++++ Information given

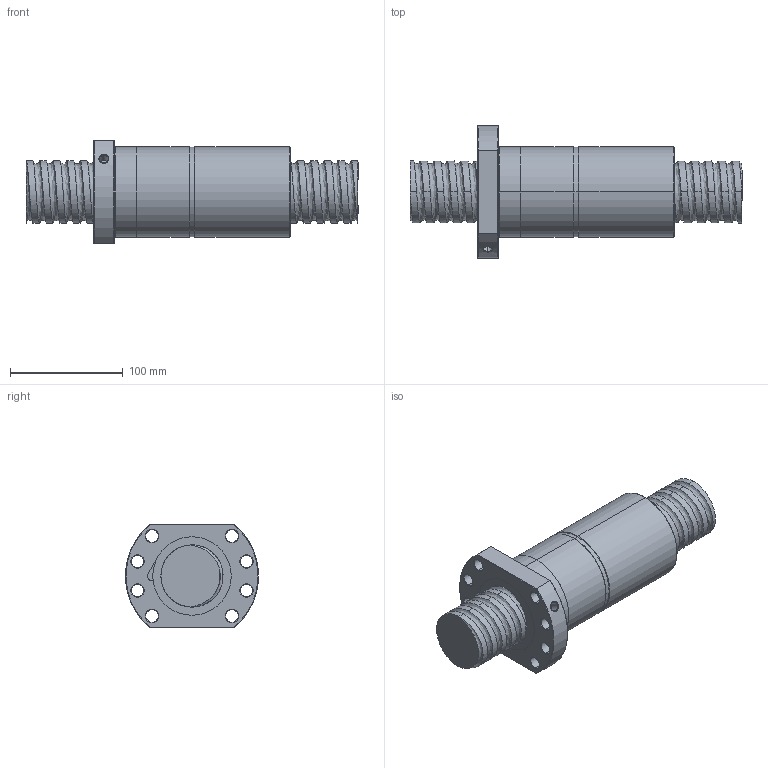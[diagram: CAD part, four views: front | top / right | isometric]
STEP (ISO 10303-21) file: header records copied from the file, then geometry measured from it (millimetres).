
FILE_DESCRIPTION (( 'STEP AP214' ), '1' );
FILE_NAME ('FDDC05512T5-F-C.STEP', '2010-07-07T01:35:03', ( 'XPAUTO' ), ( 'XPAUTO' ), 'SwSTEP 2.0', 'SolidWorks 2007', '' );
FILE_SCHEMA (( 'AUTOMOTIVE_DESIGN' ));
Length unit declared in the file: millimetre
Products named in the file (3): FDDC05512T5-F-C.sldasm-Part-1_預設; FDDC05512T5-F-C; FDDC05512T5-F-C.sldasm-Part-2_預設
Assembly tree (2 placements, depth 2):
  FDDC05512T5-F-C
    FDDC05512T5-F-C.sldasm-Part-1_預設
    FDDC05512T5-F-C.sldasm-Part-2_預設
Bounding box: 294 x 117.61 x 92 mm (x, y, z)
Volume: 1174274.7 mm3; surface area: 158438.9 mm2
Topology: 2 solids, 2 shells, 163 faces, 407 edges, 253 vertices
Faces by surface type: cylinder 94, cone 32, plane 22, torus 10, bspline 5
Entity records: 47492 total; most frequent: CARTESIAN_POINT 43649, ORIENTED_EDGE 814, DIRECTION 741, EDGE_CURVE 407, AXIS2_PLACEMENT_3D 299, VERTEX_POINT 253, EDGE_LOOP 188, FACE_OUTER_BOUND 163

++++++++

◆ Task instructions:
What is needed is a copy of every line above in which "surface" appears.

◆ Exercise response:
Volume: 1174274.7 mm3; surface area: 158438.9 mm2
Faces by surface type: cylinder 94, cone 32, plane 22, torus 10, bspline 5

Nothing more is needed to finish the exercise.